→ **About this exercise**:
Sort through the entries below and pull out lines containing the word "entities".

[Records for the task Boundary: Start]

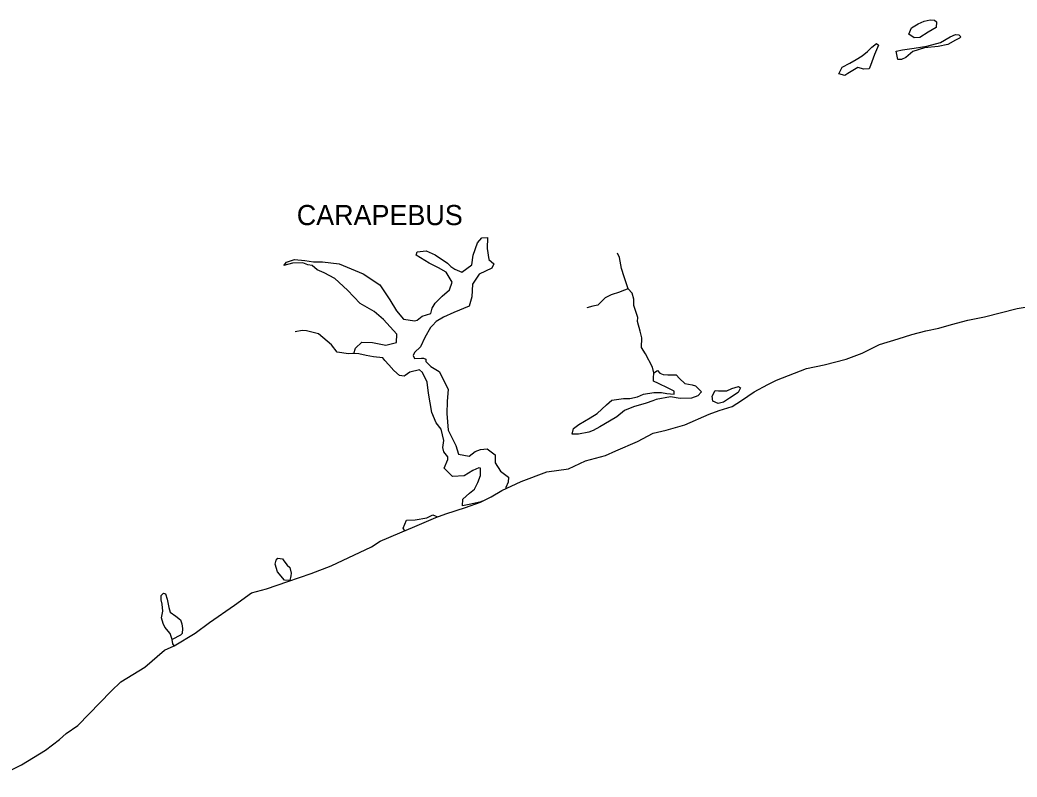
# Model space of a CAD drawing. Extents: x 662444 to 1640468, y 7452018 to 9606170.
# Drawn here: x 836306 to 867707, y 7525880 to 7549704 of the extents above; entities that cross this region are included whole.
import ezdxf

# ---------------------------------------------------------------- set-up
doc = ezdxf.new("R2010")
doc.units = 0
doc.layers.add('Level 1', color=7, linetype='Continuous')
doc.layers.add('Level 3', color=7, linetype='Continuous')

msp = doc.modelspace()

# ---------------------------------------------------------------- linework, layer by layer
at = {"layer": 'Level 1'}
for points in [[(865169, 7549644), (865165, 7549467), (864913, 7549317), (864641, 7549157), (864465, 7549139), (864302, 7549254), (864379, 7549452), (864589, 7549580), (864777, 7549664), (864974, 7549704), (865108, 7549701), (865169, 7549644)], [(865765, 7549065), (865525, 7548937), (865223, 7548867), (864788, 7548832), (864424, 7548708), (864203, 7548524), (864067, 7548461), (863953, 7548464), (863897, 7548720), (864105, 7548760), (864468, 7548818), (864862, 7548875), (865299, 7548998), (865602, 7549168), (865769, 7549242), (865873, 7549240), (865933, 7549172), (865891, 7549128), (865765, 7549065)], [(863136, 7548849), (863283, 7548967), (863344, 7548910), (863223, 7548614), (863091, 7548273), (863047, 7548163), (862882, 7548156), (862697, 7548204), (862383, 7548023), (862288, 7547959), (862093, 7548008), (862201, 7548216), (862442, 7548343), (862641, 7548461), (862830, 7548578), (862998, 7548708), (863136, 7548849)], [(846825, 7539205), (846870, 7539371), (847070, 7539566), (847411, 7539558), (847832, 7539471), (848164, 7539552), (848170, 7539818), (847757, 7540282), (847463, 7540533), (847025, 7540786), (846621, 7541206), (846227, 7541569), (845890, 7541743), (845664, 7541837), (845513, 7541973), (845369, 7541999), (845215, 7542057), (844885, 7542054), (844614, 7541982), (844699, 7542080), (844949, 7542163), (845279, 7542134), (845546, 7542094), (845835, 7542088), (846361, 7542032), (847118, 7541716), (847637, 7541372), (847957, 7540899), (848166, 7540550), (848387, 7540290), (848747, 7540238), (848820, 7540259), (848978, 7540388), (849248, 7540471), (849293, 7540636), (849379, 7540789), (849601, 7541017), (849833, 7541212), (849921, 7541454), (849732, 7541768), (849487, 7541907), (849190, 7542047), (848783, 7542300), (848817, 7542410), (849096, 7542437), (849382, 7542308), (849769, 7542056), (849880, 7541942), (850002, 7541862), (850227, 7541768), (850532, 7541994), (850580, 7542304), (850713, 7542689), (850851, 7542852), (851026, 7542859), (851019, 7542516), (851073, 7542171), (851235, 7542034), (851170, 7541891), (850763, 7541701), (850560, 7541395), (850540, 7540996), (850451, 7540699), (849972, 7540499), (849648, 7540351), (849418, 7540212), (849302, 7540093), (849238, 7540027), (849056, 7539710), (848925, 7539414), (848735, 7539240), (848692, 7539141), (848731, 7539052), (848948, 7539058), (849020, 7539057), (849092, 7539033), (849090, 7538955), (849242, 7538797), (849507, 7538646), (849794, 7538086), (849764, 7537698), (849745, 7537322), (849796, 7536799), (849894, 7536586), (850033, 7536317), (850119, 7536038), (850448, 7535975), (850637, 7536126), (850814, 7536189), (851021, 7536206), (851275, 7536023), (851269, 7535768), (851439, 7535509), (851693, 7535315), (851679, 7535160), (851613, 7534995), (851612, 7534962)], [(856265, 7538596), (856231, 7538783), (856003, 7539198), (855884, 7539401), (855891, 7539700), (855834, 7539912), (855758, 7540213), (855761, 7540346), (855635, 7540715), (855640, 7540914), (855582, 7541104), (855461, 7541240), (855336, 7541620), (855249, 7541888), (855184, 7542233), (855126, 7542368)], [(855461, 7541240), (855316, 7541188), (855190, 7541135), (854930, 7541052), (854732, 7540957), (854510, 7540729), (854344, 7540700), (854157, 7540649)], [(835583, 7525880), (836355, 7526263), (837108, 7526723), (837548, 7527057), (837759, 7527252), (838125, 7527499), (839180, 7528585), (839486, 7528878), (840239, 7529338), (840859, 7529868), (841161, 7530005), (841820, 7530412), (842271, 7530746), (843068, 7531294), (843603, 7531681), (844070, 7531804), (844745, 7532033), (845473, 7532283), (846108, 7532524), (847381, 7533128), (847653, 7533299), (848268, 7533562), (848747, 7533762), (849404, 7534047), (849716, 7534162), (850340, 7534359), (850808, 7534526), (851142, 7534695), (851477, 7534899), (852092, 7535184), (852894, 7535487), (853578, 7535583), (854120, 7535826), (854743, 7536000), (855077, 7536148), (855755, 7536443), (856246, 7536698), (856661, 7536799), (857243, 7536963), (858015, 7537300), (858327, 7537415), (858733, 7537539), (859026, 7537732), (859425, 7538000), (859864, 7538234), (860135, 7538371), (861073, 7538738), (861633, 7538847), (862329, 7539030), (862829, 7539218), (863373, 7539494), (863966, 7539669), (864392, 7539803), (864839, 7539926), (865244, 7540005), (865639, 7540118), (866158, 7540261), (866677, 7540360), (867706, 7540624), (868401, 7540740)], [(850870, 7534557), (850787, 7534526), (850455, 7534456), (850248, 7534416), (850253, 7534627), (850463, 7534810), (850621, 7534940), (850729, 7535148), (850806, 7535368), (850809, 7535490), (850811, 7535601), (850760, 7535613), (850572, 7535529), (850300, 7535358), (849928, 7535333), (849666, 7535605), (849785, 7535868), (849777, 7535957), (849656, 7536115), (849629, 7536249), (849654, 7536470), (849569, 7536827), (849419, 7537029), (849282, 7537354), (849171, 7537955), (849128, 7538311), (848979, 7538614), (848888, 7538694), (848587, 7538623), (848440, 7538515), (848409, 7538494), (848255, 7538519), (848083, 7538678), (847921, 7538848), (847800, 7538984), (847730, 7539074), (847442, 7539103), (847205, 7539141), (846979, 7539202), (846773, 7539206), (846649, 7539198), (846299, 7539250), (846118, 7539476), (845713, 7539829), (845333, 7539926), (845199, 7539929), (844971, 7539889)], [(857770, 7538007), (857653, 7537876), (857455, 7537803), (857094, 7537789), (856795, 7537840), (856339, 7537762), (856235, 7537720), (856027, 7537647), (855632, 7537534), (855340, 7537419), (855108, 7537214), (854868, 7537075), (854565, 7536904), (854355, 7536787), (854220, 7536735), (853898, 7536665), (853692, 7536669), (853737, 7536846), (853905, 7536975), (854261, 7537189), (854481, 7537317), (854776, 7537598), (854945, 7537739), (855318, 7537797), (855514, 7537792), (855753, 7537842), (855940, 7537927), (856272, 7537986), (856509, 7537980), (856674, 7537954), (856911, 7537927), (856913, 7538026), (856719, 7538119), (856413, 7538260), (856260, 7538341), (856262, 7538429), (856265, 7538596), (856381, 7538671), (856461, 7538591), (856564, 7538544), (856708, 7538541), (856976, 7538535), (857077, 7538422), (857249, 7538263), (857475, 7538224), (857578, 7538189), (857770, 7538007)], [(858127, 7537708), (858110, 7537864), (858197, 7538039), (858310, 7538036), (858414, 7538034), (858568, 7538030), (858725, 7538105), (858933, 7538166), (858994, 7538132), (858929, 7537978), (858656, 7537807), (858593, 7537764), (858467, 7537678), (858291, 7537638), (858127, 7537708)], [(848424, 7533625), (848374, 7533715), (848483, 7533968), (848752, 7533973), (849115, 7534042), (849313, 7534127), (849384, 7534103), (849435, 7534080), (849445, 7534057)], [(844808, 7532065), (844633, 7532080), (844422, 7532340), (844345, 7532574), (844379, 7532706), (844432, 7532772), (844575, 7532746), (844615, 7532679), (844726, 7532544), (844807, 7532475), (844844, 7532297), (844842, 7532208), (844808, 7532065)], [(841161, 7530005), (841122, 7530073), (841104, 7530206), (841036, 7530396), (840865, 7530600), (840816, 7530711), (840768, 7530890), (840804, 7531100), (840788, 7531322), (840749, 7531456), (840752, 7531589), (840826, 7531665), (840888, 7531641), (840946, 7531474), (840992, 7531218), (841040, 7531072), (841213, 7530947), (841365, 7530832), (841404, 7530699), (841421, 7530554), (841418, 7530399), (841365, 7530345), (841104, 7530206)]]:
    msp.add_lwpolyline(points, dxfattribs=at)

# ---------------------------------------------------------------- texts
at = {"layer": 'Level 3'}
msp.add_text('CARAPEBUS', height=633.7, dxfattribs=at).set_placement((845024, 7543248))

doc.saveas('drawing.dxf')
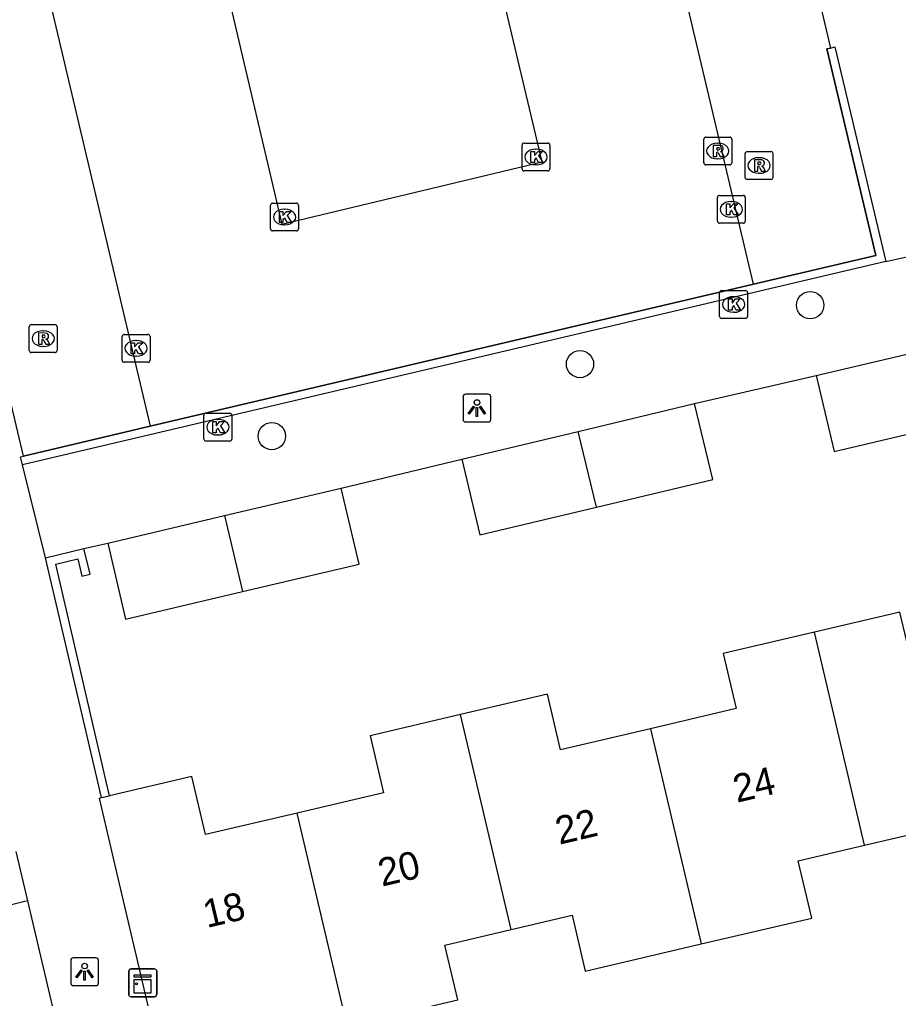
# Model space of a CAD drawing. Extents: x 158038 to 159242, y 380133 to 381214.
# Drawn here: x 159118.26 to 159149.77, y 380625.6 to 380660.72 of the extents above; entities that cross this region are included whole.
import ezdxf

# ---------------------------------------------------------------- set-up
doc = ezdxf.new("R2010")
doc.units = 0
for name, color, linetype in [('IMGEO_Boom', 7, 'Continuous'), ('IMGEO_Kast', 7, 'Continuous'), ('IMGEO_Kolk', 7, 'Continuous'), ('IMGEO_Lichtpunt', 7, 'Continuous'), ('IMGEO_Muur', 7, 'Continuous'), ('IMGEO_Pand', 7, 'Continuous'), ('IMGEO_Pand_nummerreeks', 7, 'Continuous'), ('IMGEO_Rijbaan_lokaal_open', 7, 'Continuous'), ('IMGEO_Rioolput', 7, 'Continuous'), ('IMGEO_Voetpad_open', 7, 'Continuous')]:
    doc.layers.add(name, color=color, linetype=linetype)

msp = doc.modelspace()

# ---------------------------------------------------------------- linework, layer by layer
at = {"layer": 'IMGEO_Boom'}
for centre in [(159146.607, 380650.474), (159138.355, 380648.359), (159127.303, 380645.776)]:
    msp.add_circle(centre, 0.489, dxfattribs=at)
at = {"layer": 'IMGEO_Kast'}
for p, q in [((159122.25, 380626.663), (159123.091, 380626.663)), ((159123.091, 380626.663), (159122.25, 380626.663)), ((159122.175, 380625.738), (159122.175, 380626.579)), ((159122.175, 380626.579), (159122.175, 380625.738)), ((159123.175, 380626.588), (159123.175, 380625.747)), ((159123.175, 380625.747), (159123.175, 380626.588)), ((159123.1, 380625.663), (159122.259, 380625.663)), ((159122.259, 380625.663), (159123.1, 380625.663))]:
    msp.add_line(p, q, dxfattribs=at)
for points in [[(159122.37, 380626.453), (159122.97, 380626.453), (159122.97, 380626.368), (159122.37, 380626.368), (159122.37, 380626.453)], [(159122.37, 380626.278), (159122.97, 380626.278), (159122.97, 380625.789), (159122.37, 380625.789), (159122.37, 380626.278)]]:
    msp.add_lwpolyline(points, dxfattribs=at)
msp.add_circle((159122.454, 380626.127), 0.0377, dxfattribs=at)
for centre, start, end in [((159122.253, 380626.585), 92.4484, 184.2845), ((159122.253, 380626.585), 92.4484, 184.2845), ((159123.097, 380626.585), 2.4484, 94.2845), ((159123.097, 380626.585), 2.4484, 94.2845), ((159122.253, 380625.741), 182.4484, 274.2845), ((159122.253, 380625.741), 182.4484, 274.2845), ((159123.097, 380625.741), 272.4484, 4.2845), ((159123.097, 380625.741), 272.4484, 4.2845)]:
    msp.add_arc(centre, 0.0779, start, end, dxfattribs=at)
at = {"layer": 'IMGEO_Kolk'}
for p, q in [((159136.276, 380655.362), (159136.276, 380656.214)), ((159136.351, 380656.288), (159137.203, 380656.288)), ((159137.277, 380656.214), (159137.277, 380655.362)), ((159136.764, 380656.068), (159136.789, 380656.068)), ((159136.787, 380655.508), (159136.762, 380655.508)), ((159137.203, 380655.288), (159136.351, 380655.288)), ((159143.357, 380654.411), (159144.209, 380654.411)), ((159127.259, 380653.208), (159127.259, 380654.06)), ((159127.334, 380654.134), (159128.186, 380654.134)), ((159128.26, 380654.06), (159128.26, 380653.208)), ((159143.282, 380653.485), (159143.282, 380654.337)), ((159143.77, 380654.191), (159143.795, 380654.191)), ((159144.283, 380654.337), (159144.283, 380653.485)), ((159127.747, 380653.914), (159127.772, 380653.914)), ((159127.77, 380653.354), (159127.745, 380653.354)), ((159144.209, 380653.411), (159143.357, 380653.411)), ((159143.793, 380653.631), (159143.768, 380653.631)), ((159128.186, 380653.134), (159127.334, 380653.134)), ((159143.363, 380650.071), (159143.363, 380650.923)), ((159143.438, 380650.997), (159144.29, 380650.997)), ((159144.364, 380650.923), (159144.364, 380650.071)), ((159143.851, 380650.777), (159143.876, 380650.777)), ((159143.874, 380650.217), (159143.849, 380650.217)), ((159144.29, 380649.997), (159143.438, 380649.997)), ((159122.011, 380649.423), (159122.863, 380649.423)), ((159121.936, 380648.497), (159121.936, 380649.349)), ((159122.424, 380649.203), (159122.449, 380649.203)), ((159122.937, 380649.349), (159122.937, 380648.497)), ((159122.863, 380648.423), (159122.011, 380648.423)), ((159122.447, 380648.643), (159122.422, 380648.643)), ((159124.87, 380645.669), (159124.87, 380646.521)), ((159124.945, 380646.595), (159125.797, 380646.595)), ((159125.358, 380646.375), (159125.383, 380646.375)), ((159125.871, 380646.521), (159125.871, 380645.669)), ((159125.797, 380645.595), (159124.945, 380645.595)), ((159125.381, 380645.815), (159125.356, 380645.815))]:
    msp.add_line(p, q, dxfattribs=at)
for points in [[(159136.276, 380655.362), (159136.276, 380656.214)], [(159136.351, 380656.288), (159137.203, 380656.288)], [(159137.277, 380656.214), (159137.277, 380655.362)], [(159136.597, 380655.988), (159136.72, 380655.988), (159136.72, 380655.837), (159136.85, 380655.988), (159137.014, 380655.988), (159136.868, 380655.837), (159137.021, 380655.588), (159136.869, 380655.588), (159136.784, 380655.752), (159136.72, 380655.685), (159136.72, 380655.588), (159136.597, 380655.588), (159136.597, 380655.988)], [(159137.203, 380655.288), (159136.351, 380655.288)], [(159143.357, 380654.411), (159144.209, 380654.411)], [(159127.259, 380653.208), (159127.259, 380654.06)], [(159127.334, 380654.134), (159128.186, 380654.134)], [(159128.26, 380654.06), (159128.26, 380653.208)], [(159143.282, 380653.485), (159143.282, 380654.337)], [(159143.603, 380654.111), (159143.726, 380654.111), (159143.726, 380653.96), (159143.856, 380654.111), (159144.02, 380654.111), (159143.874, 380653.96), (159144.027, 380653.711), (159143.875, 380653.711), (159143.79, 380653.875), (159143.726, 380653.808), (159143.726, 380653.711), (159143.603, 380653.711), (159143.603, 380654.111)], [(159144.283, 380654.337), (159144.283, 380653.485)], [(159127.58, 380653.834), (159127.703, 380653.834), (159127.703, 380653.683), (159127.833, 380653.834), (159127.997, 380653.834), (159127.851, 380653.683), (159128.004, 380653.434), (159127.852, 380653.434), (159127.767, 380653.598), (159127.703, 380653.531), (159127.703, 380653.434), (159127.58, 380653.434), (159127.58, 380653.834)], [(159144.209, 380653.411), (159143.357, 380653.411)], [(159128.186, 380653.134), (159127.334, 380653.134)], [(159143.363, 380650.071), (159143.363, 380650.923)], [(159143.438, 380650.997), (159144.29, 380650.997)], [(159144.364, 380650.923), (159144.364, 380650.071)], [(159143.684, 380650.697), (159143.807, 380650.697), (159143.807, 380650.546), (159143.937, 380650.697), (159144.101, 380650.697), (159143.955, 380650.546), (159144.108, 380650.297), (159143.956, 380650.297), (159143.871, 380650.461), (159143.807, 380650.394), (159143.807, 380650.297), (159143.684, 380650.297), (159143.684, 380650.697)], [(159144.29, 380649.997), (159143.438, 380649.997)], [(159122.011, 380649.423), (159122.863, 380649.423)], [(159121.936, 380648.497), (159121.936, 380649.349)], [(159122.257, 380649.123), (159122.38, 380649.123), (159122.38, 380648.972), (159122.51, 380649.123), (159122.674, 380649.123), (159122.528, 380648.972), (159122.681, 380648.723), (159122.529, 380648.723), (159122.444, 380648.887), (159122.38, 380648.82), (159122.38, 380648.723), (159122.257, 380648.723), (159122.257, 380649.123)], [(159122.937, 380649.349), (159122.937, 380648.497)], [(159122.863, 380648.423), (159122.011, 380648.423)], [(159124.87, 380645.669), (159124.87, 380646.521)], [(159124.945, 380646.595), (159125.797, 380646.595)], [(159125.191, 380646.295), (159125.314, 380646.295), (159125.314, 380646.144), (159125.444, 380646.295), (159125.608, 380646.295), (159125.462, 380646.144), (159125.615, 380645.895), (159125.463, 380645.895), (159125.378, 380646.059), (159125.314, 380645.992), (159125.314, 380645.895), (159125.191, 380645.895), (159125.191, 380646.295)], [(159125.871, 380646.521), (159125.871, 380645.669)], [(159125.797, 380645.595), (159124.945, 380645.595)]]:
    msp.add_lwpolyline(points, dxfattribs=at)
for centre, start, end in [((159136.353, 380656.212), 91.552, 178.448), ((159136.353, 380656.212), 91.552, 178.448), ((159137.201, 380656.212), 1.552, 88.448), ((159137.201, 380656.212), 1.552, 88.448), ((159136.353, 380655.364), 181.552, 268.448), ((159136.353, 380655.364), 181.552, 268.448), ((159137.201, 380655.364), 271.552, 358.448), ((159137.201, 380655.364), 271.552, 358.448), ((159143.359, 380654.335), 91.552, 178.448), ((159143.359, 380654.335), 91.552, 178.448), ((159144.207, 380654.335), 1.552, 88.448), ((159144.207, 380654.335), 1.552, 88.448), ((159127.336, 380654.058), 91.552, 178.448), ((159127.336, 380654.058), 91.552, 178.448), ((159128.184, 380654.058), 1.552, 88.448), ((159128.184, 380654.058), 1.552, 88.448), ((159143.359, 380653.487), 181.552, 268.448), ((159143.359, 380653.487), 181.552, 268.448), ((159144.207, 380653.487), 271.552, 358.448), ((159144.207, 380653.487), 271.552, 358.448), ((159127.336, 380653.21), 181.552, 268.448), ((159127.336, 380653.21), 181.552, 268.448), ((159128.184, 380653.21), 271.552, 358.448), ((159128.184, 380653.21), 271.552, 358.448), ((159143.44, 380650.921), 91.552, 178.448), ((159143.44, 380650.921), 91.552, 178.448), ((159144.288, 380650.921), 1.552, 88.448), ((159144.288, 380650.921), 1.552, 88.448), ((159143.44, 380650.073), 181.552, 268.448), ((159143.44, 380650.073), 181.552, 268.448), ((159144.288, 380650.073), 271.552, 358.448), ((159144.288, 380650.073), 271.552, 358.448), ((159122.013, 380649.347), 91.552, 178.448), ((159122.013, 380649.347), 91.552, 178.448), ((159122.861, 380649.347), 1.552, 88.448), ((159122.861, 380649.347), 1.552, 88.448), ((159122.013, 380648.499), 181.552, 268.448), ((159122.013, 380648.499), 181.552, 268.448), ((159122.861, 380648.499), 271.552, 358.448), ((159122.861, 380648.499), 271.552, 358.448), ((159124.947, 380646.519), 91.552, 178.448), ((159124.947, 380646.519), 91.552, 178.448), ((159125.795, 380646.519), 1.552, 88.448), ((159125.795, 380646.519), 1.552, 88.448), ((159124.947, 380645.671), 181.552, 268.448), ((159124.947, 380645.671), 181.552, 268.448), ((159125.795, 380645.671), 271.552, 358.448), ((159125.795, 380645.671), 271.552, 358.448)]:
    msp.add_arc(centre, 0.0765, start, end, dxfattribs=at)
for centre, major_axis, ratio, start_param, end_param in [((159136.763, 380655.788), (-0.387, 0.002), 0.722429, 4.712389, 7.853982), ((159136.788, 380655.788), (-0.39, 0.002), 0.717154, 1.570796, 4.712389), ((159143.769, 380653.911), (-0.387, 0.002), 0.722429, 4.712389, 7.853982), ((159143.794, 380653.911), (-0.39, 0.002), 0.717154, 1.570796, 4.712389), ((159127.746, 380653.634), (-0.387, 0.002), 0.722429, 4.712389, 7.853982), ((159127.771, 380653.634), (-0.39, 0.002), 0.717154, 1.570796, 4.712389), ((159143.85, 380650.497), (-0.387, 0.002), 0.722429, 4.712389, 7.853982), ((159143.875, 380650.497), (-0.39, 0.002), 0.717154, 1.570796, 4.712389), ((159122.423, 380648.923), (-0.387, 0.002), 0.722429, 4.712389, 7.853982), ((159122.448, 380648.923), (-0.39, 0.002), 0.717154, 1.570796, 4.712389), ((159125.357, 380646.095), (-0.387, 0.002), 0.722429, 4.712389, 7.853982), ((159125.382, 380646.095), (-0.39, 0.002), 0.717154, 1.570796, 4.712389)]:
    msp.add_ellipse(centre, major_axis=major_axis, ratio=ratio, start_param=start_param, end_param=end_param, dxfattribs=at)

[Records for the task Boundary: End]

→ **Problem solution**:
# Drawn here: x 836306 to 867707, y 7525880 to 7549704 of the extents above; entities that cross this region are included whole.
# Drawn here: x 159118.26 to 159149.77, y 380625.6 to 380660.72 of the extents above; entities that cross this region are included whole.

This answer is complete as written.